PSR. Tive o privilégio de poder estar presente em 5 campeonatos do mundo : 1991, 1999, 2007 ,2011 e 2015.
De todos os jogos a que assisti, sem duvida as extraordinárias meias finais de 1999 e os todos os jogos que presenciei em 2015.
O rugby em Portugal tem futuro? Sim ou Não?
PSR. Depende do que se considera futuro. Não tenho duvidas que continuará a desenvolver-se pois os homens e mulheres do rugby são perseverantes e sempre disponíveis para divulgar a sua modalidade que consideram ter fortes valores que devem ser disseminados. Se entendermos que futuro será atingir patamares competitivos que nos aproximem das maiores potências, nisso não acredito pois as histórias e as condições existente são de tal modo diferentes que não será no espaço de tempo de várias gerações que se irão aproximar.

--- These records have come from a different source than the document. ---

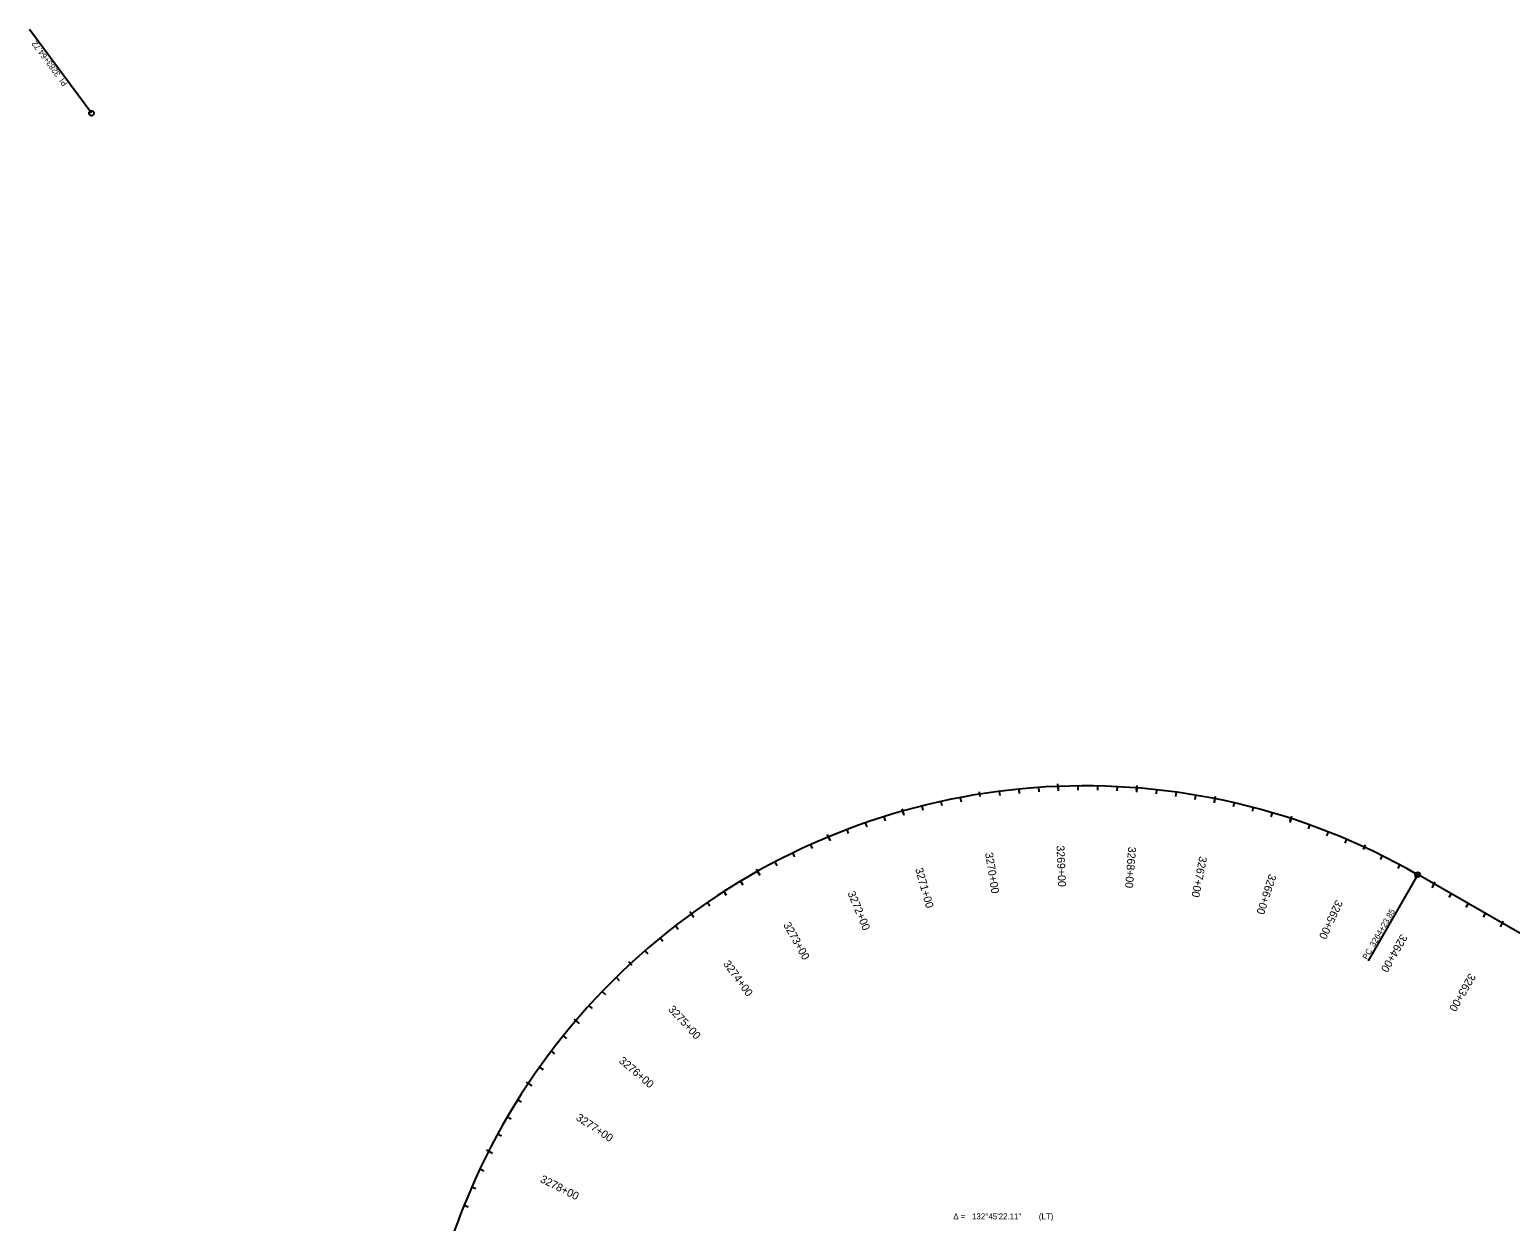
# Model space of a CAD drawing. Extents: x 15451313 to 15455081, y 8857737 to 8860760.
# Drawn here: x 15451313 to 15453192, y 8859247 to 8860760 of the extents above; entities that cross this region are included whole.
import ezdxf

# ---------------------------------------------------------------- set-up
doc = ezdxf.new("R2010")
doc.units = 0
for name, color, linetype in [('Annotation', 7, 'Continuous'), ('PC_REVISION_ANNOTATION', 7, 'Continuous'), ('SheetAddenda', 7, 'Continuous'), ('TextNonPlot', 7, 'Continuous')]:
    doc.layers.add(name, color=color, linetype=linetype)

msp = doc.modelspace()

# ---------------------------------------------------------------- linework, layer by layer
at = {"layer": 'Annotation'}
msp.add_line((15453768, 8859288.8), (15453074.6, 8859687), dxfattribs=at)
msp.add_arc((15452651.9, 8858950.9), 848.8, 60.1345, 192.8906, dxfattribs=at)
at = {"layer": 'PC_REVISION_ANNOTATION'}
for p, q in [((15452494.1, 8859784.9), (15452495.2, 8859779.5)), ((15452519.2, 8859786.2), (15452518.3, 8859792.2)), ((15452543.5, 8859792.7), (15452544.2, 8859787.3)), ((15452568.4, 8859795.6), (15452568.9, 8859790.1)), ((15452593.3, 8859797.7), (15452593.6, 8859792.2)), ((15452618.3, 8859796), (15452618.1, 8859802.1)), ((15452643.2, 8859799.6), (15452643.3, 8859794.2)), ((15452668.2, 8859799.5), (15452668.1, 8859794.1)), ((15452693.2, 8859798.7), (15452692.9, 8859793.2)), ((15452717.9, 8859794.1), (15452718.4, 8859800.2)), ((15452743, 8859794.8), (15452742.5, 8859789.4)), ((15452767.9, 8859791.7), (15452767.1, 8859786.3)), ((15452792.6, 8859788), (15452791.7, 8859782.6)), ((15452816.6, 8859780.4), (15452817.8, 8859786.5)), ((15452422, 8859764.8), (15452420.3, 8859770.7)), ((15452445.3, 8859774.2), (15452446.6, 8859768.9)), ((15452469.6, 8859779.9), (15452470.8, 8859774.6)), ((15452841.6, 8859778.2), (15452840.4, 8859772.9)), ((15452865.9, 8859772.3), (15452864.5, 8859767)), ((15452890, 8859765.6), (15452888.4, 8859760.4)), ((15452373.5, 8859752.7), (15452375.3, 8859747.6)), ((15452397.2, 8859760.6), (15452398.8, 8859755.4)), ((15452912.9, 8859755.3), (15452914.8, 8859761.2)), ((15452937.5, 8859750.2), (15452935.7, 8859745.1)), ((15452327.9, 8859732.1), (15452325.6, 8859737.8)), ((15452350, 8859744.2), (15452351.9, 8859739.1)), ((15452960.9, 8859741.4), (15452959, 8859736.4)), ((15452984.1, 8859732), (15452982, 8859727)), ((15452281.2, 8859714.4), (15452283.5, 8859709.5)), ((15452303.8, 8859725), (15452306, 8859720)), ((15453005.7, 8859719.1), (15453008.2, 8859724.7)), ((15453029.5, 8859711.1), (15453027.1, 8859706.2)), ((15452238.3, 8859688.6), (15452235.3, 8859694)), ((15452258.8, 8859703.2), (15452261.4, 8859698.3)), ((15453051.7, 8859699.6), (15453049.2, 8859694.8)), ((15452215.2, 8859678.7), (15452218, 8859674.1)), ((15453073.6, 8859687.5), (15453070.9, 8859682.8)), ((15453093.8, 8859672.4), (15453096.8, 8859677.7)), ((15452194, 8859665.6), (15452196.9, 8859661)), ((15453117, 8859662.6), (15453114.2, 8859657.9)), ((15452154.5, 8859634.9), (15452150.9, 8859639.8)), ((15452173.1, 8859651.8), (15452176.2, 8859647.3)), ((15453138.6, 8859650.2), (15453135.9, 8859645.5)), ((15453160.3, 8859637.7), (15453157.6, 8859633)), ((15452132.7, 8859622.4), (15452136, 8859618)), ((15453180.5, 8859622.6), (15453183.5, 8859627.9)), ((15452113.1, 8859606.8), (15452116.6, 8859602.6)), ((15452094.1, 8859590.6), (15452097.6, 8859586.5)), ((15452077.5, 8859571.7), (15452073.4, 8859576.2)), ((15452057.4, 8859556.7), (15452061.2, 8859552.8)), ((15452039.8, 8859538.9), (15452043.7, 8859535.1)), ((15452008.6, 8859499.9), (15452003.9, 8859503.8)), ((15452022.7, 8859520.6), (15452026.8, 8859517)), ((15451990.3, 8859482.6), (15451994.5, 8859479.2)), ((15451974.9, 8859462.9), (15451979.3, 8859459.6)), ((15451960.1, 8859442.7), (15451964.6, 8859439.6)), ((15451948.5, 8859420.4), (15451943.4, 8859423.8)), ((15451932.4, 8859401.1), (15451937, 8859398.3)), ((15451919.4, 8859379.8), (15451924.1, 8859377)), ((15451907.1, 8859358), (15451911.9, 8859355.4)), ((15451898.2, 8859334.5), (15451892.7, 8859337.3)), ((15451884.4, 8859313.5), (15451889.4, 8859311.1)), ((15451874.1, 8859290.7), (15451879.1, 8859288.5)), ((15451864.4, 8859267.6), (15451869.5, 8859265.6))]:
    msp.add_line(p, q, dxfattribs=at)
at = {"layer": 'SheetAddenda'}
for p, q in [((15452519.2, 8859786.2), (15452518.3, 8859792.2)), ((15452618.2, 8859799), (15452618.4, 8859793.6)), ((15452718.1, 8859797.1), (15452717.7, 8859791.7)), ((15452421.2, 8859767.7), (15452422.6, 8859762.5)), ((15452817.2, 8859783.5), (15452816.1, 8859778.1)), ((15452913.9, 8859758.3), (15452912.2, 8859753.1)), ((15452326.7, 8859734.9), (15452328.8, 8859729.9)), ((15453005.7, 8859719.1), (15453008.2, 8859724.7)), ((15452236.8, 8859691.3), (15452239.5, 8859686.5)), ((15453095.3, 8859675.1), (15453092.6, 8859670.4)), ((15452152.7, 8859637.4), (15452155.9, 8859632.9)), ((15453182, 8859625.3), (15453179.3, 8859620.6)), ((15452077.5, 8859571.7), (15452073.4, 8859576.2)), ((15452006.2, 8859501.9), (15452010.4, 8859498.3)), ((15451945.9, 8859422.1), (15451950.5, 8859419.1)), ((15451895.4, 8859335.9), (15451900.3, 8859333.4))]:
    msp.add_line(p, q, dxfattribs=at)
at = {"layer": 'TextNonPlot'}
for p, q in [((15451391.5, 8860653.4), (15451312.9, 8860759.5)), ((15451312.9, 8860759.5), (15451312.9, 8860759.5)), ((15453074.6, 8859687), (15453011.9, 8859577.7)), ((15453011.9, 8859577.7), (15453011.9, 8859577.7))]:
    msp.add_line(p, q, dxfattribs=at)
for centre in [(15451391.5, 8860653.4), (15453074.6, 8859687)]:
    msp.add_circle(centre, 3.12, dxfattribs=at)

# ---------------------------------------------------------------- texts
at = {"layer": 'PC_REVISION_ANNOTATION'}
for s, rotation, p in [('3270+00', 279.0246, (15452525.6, 8859714.3)), ('3269+00', 272.2746, (15452616.2, 8859723.9)), ('3268+00', 265.5247, (15452707.3, 8859722.7)), ('3267+00', 258.7747, (15452797.6, 8859710.9)), ('3271+00', 285.7746, (15452436.7, 8859694.2)), ('3266+00', 252.0247, (15452886, 8859688.5)), ('3272+00', 292.5245, (15452350.8, 8859663.7)), ('3265+00', 245.2747, (15452971, 8859655.8)), ('3273+00', 299.2745, (15452269.1, 8859623.4)), ('3264+00', 240.1345, (15453053.6, 8859612.5)), ('3274+00', 306.0245, (15452192.7, 8859573.8)), ('3263+00', 240.1345, (15453140.3, 8859562.7)), ('3275+00', 312.7744, (15452122.7, 8859515.5)), ('3276+00', 319.5244, (15452060, 8859449.4)), ('3277+00', 326.2744, (15452005.5, 8859376.3)), ('3278+00', 333.0244, (15451960, 8859297.4))]:
    msp.add_text(s, height=10.02, rotation=rotation, dxfattribs=at).set_placement(p)
at = {"layer": 'SheetAddenda'}
for s, rotation, p in [('3270+00', 279.0246, (15452525.6, 8859714.3)), ('3265+00', 245.2747, (15452971, 8859655.8)), ('3275+00', 312.7744, (15452122.7, 8859515.5))]:
    msp.add_text(s, height=10.02, rotation=rotation, dxfattribs=at).set_placement(p)
at = {"layer": 'TextNonPlot'}
for s, rotation, p in [('3283+64.72', 126.5126, (15451352.6, 8860703.2)), ('PI ', 126.5126, (15451361.5, 8860691.2)), ('3264+23.85', 60.1345, (15453019.7, 8859594.7)), ('PC', 60.1345, (15453010.4, 8859578.5))]:
    msp.add_text(s, height=7.5, rotation=rotation, dxfattribs=at).set_placement(p)
for s, p in [('Δ = ', (15452485.2, 8859249.5)), ('132°45\'22.11"', (15452509, 8859249.5)), (' (LT)', (15452591, 8859249.5))]:
    msp.add_text(s, height=7.5, dxfattribs=at).set_placement(p)

doc.saveas('drawing.dxf')

Um pensamento que gostasses de partilhar com o restante público do rugby português?
PSR. Muito gostaria que a cultura desportiva em Portugal fosse mais abrangente e que se alargasse para além dos horizontes daquilo a que chamo “ a monocultura desportiva “ e que o rugby se afirmasse como uma das modalidades mais representativas. E que as e os amantes do rugby a considerassem sempre como a sua primeira prioridade desportiva.